Thus, it is essential to study the impact of environment on Fe and Zn content in order to utilize them to make genetic improvement towards biofortification effective. With this background, preliminary investigation on the study was to determine the genetic variability for Fe and Zn content among exotic micronutrient enriched elite genotypes and adapted commercial varieties was undertaken and the impact of seasons/years with varying environment on the Fe and Zn content in the wheat, thus identifying stable genotypes for utilization in hybridization.
Material and methods
Experimental material for the present study comprised of forty-nine zinc and/or iron-enriched HarvestPlus genotypes and along with three adapted wheat varieties, viz. HD 3086, JAUW 683, and RSP 561 (Table 1).
These genotypes were evaluated during two consecutive Rabi seasons (November to April), viz. 2019–20 and 2020–21, in randomized complete block design with three replications having a plot size 1.0 m2. The description of experimental site along with weather conditions are presented in Table 2 and Fig. 1. All the agronomic and plant protection measures were followed as per the packages and practices of SKUAST-Jammu to raise healthy crop. Five plants per genotype per replication were randomly chosen for recording morpho-metric and yield attributing traits during both the crop seasons viz., plant height, number of tillers per plant, days to 50 per cent flowering, flag leaf area (cm2), spikelets per spike, days to maturity, 1000 grain weight (g), and grain yield per plant (g).

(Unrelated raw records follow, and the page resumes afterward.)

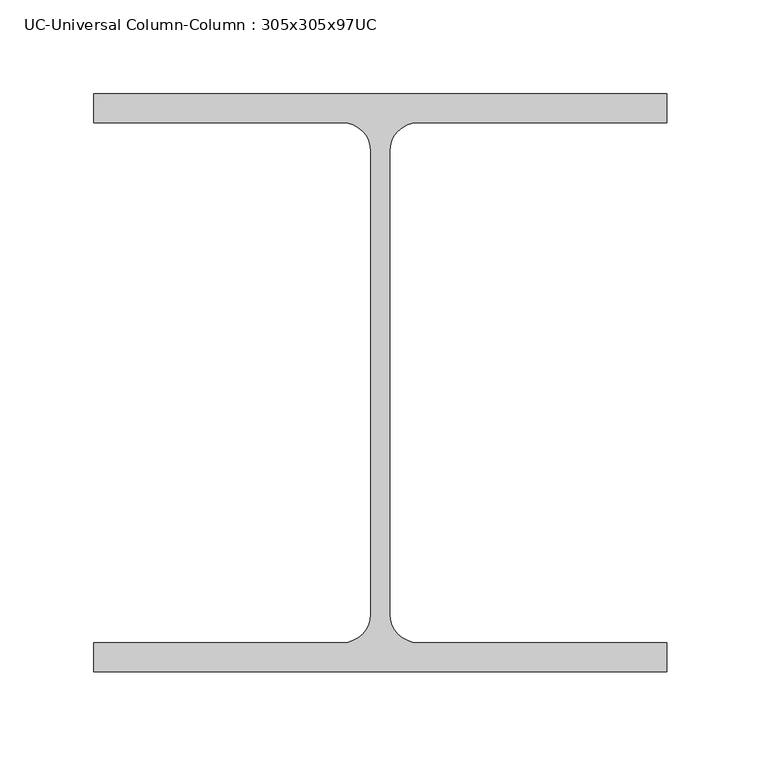
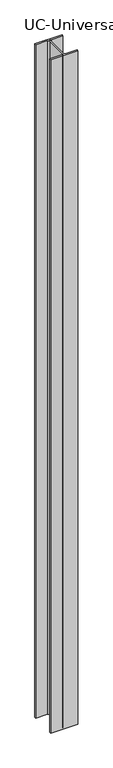
"""IFC4 building model written with IfcOpenShell, lengths in millimetres: column geometry, UC-Universal Column-Column : 305x305x97UC."""

import ifcopenshell
import ifcopenshell.guid

model = None  # the IFC model being written
_history = None  # IfcOwnerHistory: only IFC2X3 demands one
_inside = {}  # id of a spatial element -> (the spatial element, [elements in it])
_under = {}  # id of a project, library or spatial element -> (it, [spatial elements below it])
_declared = {}  # id of a project -> (the project, [libraries it declares])
_typed = {}  # id of a type object -> (the type object, [elements of that type])
_made_of = {}  # id of a material, layer set ... -> (it, [elements and type objects made of it])


def new_model(schema):
    """Start an empty IFC model of exactly this schema.

    Asked for "IFC4X3", IfcOpenShell would pick the latest addendum, in which some entities
    have other attributes; the version numbers below select the first issue.
    IFC2X3 requires an IfcOwnerHistory on every rooted entity: one is made here for all.
    """
    global model, _history
    if schema == "IFC4X3":
        model = ifcopenshell.file(schema_version=(4, 3, 0, 0))
    else:
        model = ifcopenshell.file(schema=schema)
    _inside.clear()
    _under.clear()
    _declared.clear()
    _typed.clear()
    _made_of.clear()
    _history = None
    if model.schema == "IFC2X3":
        org = make("IfcOrganization", Name="unknown")
        user = make(
            "IfcPersonAndOrganization",
            ThePerson=make("IfcPerson", FamilyName="unknown"),
            TheOrganization=org,
        )
        app = make(
            "IfcApplication",
            ApplicationDeveloper=org,
            Version="unknown",
            ApplicationFullName="unknown",
            ApplicationIdentifier="unknown",
        )
        _history = make(
            "IfcOwnerHistory",
            OwningUser=user,
            OwningApplication=app,
            ChangeAction="ADDED",
            CreationDate=0,
        )
    return model


def make(cls, **values):
    """One entity of the class cls with the attributes given. An attribute that is None is left unset."""
    return model.create_entity(
        cls, **{name: value for name, value in values.items() if value is not None}
    )


def rooted(cls, **values):
    """An entity with a GlobalId (a new one), such as an element, a storey or a relation."""
    return make(cls, GlobalId=ifcopenshell.guid.new(), OwnerHistory=_history, **values)


def si_unit(unit_type, name, prefix=None):
    """IfcSIUnit, for example si_unit("LENGTHUNIT", "METRE", prefix="MILLI")."""
    return make("IfcSIUnit", UnitType=unit_type, Prefix=prefix, Name=name)


def assignment(units):
    """IfcUnitAssignment: the units of a project."""
    return None if units is None else make("IfcUnitAssignment", Units=units)


def point(xyz):
    """IfcCartesianPoint."""
    return None if xyz is None else make("IfcCartesianPoint", Coordinates=xyz)


def direction(xyz):
    """IfcDirection."""
    return None if xyz is None else make("IfcDirection", DirectionRatios=xyz)


def frame(location, z_axis=None, x_axis=None):
    """IfcAxis2Placement3D, a coordinate frame: its origin and axes. An axis left out is left unset."""
    return make(
        "IfcAxis2Placement3D",
        Location=point(location),
        Axis=direction(z_axis),
        RefDirection=direction(x_axis),
    )


def frame_2d(location, x_axis=None):
    """IfcAxis2Placement2D, a coordinate frame in the plane: its origin and x axis."""
    return make(
        "IfcAxis2Placement2D", Location=point(location), RefDirection=direction(x_axis)
    )


def origin():
    """The frame at (0, 0, 0) with its axes left unset."""
    return frame((0.0, 0.0, 0.0))


def origin_with_axes():
    """The frame at (0, 0, 0) with the z axis (0, 0, 1) and the x axis (1, 0, 0) written out."""
    return frame((0.0, 0.0, 0.0), z_axis=(0.0, 0.0, 1.0), x_axis=(1.0, 0.0, 0.0))


def place(relative_to, where):
    """IfcLocalPlacement: puts the frame where relative to a parent placement (None: the world)."""
    return make(
        "IfcLocalPlacement", PlacementRelTo=relative_to, RelativePlacement=where
    )


def context(
    kind, dimensions, precision=None, world=None, true_north=None, identifier=None
):
    """IfcGeometricRepresentationContext, for example the 3D "Model" context."""
    return make(
        "IfcGeometricRepresentationContext",
        ContextIdentifier=identifier,
        ContextType=kind,
        CoordinateSpaceDimension=dimensions,
        Precision=precision,
        WorldCoordinateSystem=world,
        TrueNorth=true_north,
    )


def project(units=None, contexts=None):
    """IfcProject with its units and contexts."""
    return rooted(
        "IfcProject",
        Name="project",
        RepresentationContexts=contexts,
        UnitsInContext=assignment(units),
    )


def spatial(cls, under=None, at=None, **own):
    """A site, building, storey or space (cls), placed at a placement, below another one or the project."""
    s = rooted(cls, ObjectPlacement=at, **own)
    if under is not None:
        _under.setdefault(under.id(), (under, []))[1].append(s)
    return s


def polyline(points):
    """IfcPolyline through the points."""
    return make("IfcPolyline", Points=[point(p) for p in points])


def circle_curve(where, radius):
    """IfcCircle in the frame where."""
    return make("IfcCircle", Position=where, Radius=radius)


def trimmed(basis, trim1, trim2, sense, master):
    """IfcTrimmedCurve: the piece of a basis curve between two trims."""
    return make(
        "IfcTrimmedCurve",
        BasisCurve=basis,
        Trim1=trim1,
        Trim2=trim2,
        SenseAgreement=sense,
        MasterRepresentation=master,
    )


def segment(curve, same_sense, transition):
    """IfcCompositeCurveSegment."""
    return make(
        "IfcCompositeCurveSegment",
        Transition=transition,
        SameSense=same_sense,
        ParentCurve=curve,
    )


def composite_curve(segments, self_intersect=None):
    """IfcCompositeCurve: segments joined end to end."""
    return make("IfcCompositeCurve", Segments=segments, SelfIntersect=self_intersect)


def outline(outer, holes=None, kind="AREA"):
    """IfcArbitraryClosedProfileDef: a profile drawn as a closed curve; with holes, ...WithVoids."""
    if holes is None:
        return make("IfcArbitraryClosedProfileDef", ProfileType=kind, OuterCurve=outer)
    return make(
        "IfcArbitraryProfileDefWithVoids",
        ProfileType=kind,
        OuterCurve=outer,
        InnerCurves=holes,
    )


def extrude(swept, where, along, depth):
    """IfcExtrudedAreaSolid: the profile swept, set in the frame where, extruded along a direction by depth."""
    return make(
        "IfcExtrudedAreaSolid",
        SweptArea=swept,
        Position=where,
        ExtrudedDirection=direction(along),
        Depth=depth,
    )


def shape(context_of_items, identifier, shape_type, items):
    """IfcShapeRepresentation: the items that make up one representation, for example the "Body"."""
    return make(
        "IfcShapeRepresentation",
        ContextOfItems=context_of_items,
        RepresentationIdentifier=identifier,
        RepresentationType=shape_type,
        Items=items,
    )


def source(mapping_origin, context_of_items, identifier, shape_type, items):
    """IfcRepresentationMap: a shape defined once, which mapped items show again and again."""
    return make(
        "IfcRepresentationMap",
        MappingOrigin=mapping_origin,
        MappedRepresentation=shape(context_of_items, identifier, shape_type, items),
    )


def transform(
    local_origin,
    x_axis=None,
    y_axis=None,
    z_axis=None,
    scale=None,
    scale2=None,
    scale3=None,
    uniform=True,
):
    """IfcCartesianTransformationOperator3D, or its non-uniform kind. x_axis, y_axis, z_axis: its Axis1, 2, 3."""
    if uniform:
        return make(
            "IfcCartesianTransformationOperator3D",
            Axis1=direction(x_axis),
            Axis2=direction(y_axis),
            LocalOrigin=point(local_origin),
            Scale=scale,
            Axis3=direction(z_axis),
        )
    return make(
        "IfcCartesianTransformationOperator3DnonUniform",
        Axis1=direction(x_axis),
        Axis2=direction(y_axis),
        LocalOrigin=point(local_origin),
        Scale=scale,
        Axis3=direction(z_axis),
        Scale2=scale2,
        Scale3=scale3,
    )


def mapped(mapping_source, mapping_target):
    """IfcMappedItem: shows the shape of a source again, moved by a transform."""
    return make(
        "IfcMappedItem", MappingSource=mapping_source, MappingTarget=mapping_target
    )


def made_of(thing, what):
    """Note that an element or type object is made of a material, layer set ...; save() writes the relation."""
    if what is not None:
        _made_of.setdefault(what.id(), (what, []))[1].append(thing)
    return thing


def element(
    cls,
    number,
    at=None,
    inside=None,
    cuts=None,
    type_object=None,
    material=None,
    context=None,
    identifier="Body",
    shape_type=None,
    held_by="IfcProductDefinitionShape",
    body=None,
    shapes=None,
    **own,
):
    """One element of the class cls, such as IfcWall. Its Tag is "e" and its number.

    at: its placement. inside: the storey or other place that contains it. cuts: it is an
    opening in that element (IfcRelVoidsElement). A single representation is given by context,
    identifier, shape_type and body (its items); several are given by shapes. held_by: the class
    of the entity that holds the representations. save() writes the other relations.
    """
    e = rooted(cls, Tag="e%d" % number, ObjectPlacement=at, **own)
    if body is not None:
        shapes = [shape(context, identifier, shape_type, body)]
    if shapes is not None:
        e.Representation = make(held_by, Representations=shapes)
    if inside is not None:
        _inside.setdefault(inside.id(), (inside, []))[1].append(e)
    if cuts is not None:
        rooted(
            "IfcRelVoidsElement", RelatingBuildingElement=cuts, RelatedOpeningElement=e
        )
    if type_object is not None:
        _typed.setdefault(type_object.id(), (type_object, []))[1].append(e)
    return made_of(e, material)


def aggregate(whole, parts):
    """IfcRelAggregates: a whole, such as a stair, and the parts it consists of."""
    return rooted("IfcRelAggregates", RelatingObject=whole, RelatedObjects=parts)


def save(model, path):
    """Write the relations noted so far, then the file.

    IfcRelAggregates (storeys below a building ...), IfcRelContainedInSpatialStructure (elements
    in a storey), IfcRelDefinesByType, IfcRelAssociatesMaterial and IfcRelDeclares: one each for
    every whole, place, type object, material and project.
    """
    for whole, parts in _under.values():
        aggregate(whole, parts)
    for where, things in _inside.values():
        rooted(
            "IfcRelContainedInSpatialStructure",
            RelatedElements=things,
            RelatingStructure=where,
        )
    for kind, things in _typed.values():
        rooted("IfcRelDefinesByType", RelatedObjects=things, RelatingType=kind)
    for what, things in _made_of.values():
        rooted("IfcRelAssociatesMaterial", RelatedObjects=things, RelatingMaterial=what)
    for by, libraries in _declared.values():
        rooted("IfcRelDeclares", RelatingContext=by, RelatedDefinitions=libraries)
    model.write(path)


def uc_universal_column_column_305x305x97uc_b32ae94d(model_context):
    return source(origin(), model_context, "Body", "SweptSolid", [
        extrude(outline(composite_curve([segment(polyline([(152.65, 153.95), (152.65, 138.55), (20.15, 138.55)]), True, "CONTINUOUS"), segment(trimmed(circle_curve(frame_2d((20.15, 123.35)), 15.2), [point((20.15, 138.55))], [point((4.95, 123.35))], True, "CARTESIAN"), True, "CONTINUOUS"), segment(polyline([(4.95, 123.35), (4.95, -123.35)]), True, "CONTINUOUS"), segment(trimmed(circle_curve(frame_2d((20.15, -123.35)), 15.2), [point((4.95, -123.35))], [point((20.15, -138.55))], True, "CARTESIAN"), True, "CONTINUOUS"), segment(polyline([(20.15, -138.55), (152.65, -138.55), (152.65, -153.95), (-152.65, -153.95), (-152.65, -138.55), (-20.15, -138.55)]), True, "CONTINUOUS"), segment(trimmed(circle_curve(frame_2d((-20.15, -123.35)), 15.2), [point((-20.15, -138.55))], [point((-4.95, -123.35))], True, "CARTESIAN"), True, "CONTINUOUS"), segment(polyline([(-4.95, -123.35), (-4.95, 123.35)]), True, "CONTINUOUS"), segment(trimmed(circle_curve(frame_2d((-20.15, 123.35)), 15.2), [point((-4.95, 123.35))], [point((-20.15, 138.55))], True, "CARTESIAN"), True, "CONTINUOUS"), segment(polyline([(-20.15, 138.55), (-152.65, 138.55), (-152.65, 153.95), (152.65, 153.95)]), True, "CONTINUOUS")], self_intersect=False)), origin_with_axes(), (0.0, 0.0, 1.0), 8000.0),
    ])


if __name__ == "__main__":
    model = new_model("IFC4")
    model_context = context("Model", 3, world=origin())
    ifc_project = project(units=[si_unit("LENGTHUNIT", "METRE", prefix="MILLI")], contexts=[model_context])
    site = spatial("IfcSite", under=ifc_project)
    building = spatial("IfcBuilding", under=site)
    placement = place(None, origin())
    uc_universal_column_column_305x305x97uc_shape = uc_universal_column_column_305x305x97uc_b32ae94d(model_context)
    element("IfcColumn", 1, ObjectType="UC-Universal Column-Column : 305x305x97UC", at=placement, inside=building, context=model_context, shape_type="MappedRepresentation", body=[
        mapped(uc_universal_column_column_305x305x97uc_shape, transform((0.0, 0.0, 0.0), x_axis=(1.0, 0.0, 0.0), y_axis=(0.0, 1.0, 0.0), z_axis=(0.0, 0.0, 1.0))),
    ])
    save(model, "model.ifc")

# Revit data of these elements
# Type "UC-Universal Column-Column : 305x305x97UC"
#   Nominal h = "305"
#   W = 0
#   Ix = 22250
#   M = 96.9
#   Zx = 1445
#   b = 305.3 mm
#   h = 307.9 mm
#   r = 15.2 mm
#   s = 9.9 mm
#   t = 15.4 mm
#   A = 0.0123 m²
#   Structural Material [instance default] = Metal - Steel - 345 MPa
#   Assembly Code = ""
# Element 1 (IfcColumn, "UC-Universal Column-Column : 305x305x97UC")
#   Materials on its faces: "Metal - Steel - 345 MPa"
# Materials
#   "Metal - Steel - 345 MPa": class "Metal", colour RGB 241 46 46, transparency 0

a Temperature (°C) at Experimental field of SKUAST-Jammu from the month of November to May of 2019–20 and 2020–21. b Rainfall (mm) at Experimental field of SKUAST-Jammu from the month of October to March of 2019–20 and 2020–21
Micronutrients profiling for zinc and iron
A combination of tap water, diluted HCl (0.01 N), and distilled water was used to wash the grain samples. Samples were dried in a hot air oven at 60 °C for five minutes. Grain was processed and used for future chemical analysis after reaching consistent weight. Grain samples were microwave-digested with HNO3 by placing 0.5 g of the sample into a PTFE-TFM jar, adding 7 ml of suprapure HNO3, and predigesting the mixture overnight. The vessel was then sealed and placed in microwave digestion. The heating programme (Multiwave ECO, Anton Paar) was configured with operational parameters of a ramp period of 25 min to reach 180 to 190 °C and a hold time of 25 min at 180 to 190 °C (Datta et al., 2017). To ensure the full transfer of content, the samples were thoroughly shaken after being cooled to room temperature and added Milli-Q water. The resulting mixture was passed through a Whatman No. 42 filter before being diluted to a final amount of 100 ml in a volumetric flask using Milli-Q water that contained 1% suprapure HNO3. A atomic absorption spectrophotometer (AAS) was used to measure the total Zn and Fe in the digest. To prepare a reagent blank, a similar process was used but without a sample.
Statistical analysis
Pooled and year-wise analysis of variance (ANOVA) along with mean performance of genotypes during two consecutive years (2019–20 and 2020–21) were considered, and relationship among genotypes was assessed employing R ver. 4.1 and Windostat 9.3 software.
Results and discussion
Analysis of variance revealed mean sum of squares due to genotype to be highly significant for all traits during both years (Tables 3a and 4). The pooled ANOVA for genotype and year was found significant (p < 0.01) for all the traits, while interactions were found significant (p < 0.01) for only 1000-grain weight (g) and at p < 0.05 for grain yield per plant (Table 5). Table 6 summarizes the results on environmental variations for yield and yield contributing traits and micronutrient content (Zn and Fe) in fifty-two wheat genotypes grown under Jammu agro-climatic conditions. Significant genetic variation among genotypes is a prerequisite to increase the concentration of Zn and Fe content in wheat grain through conventional breeding.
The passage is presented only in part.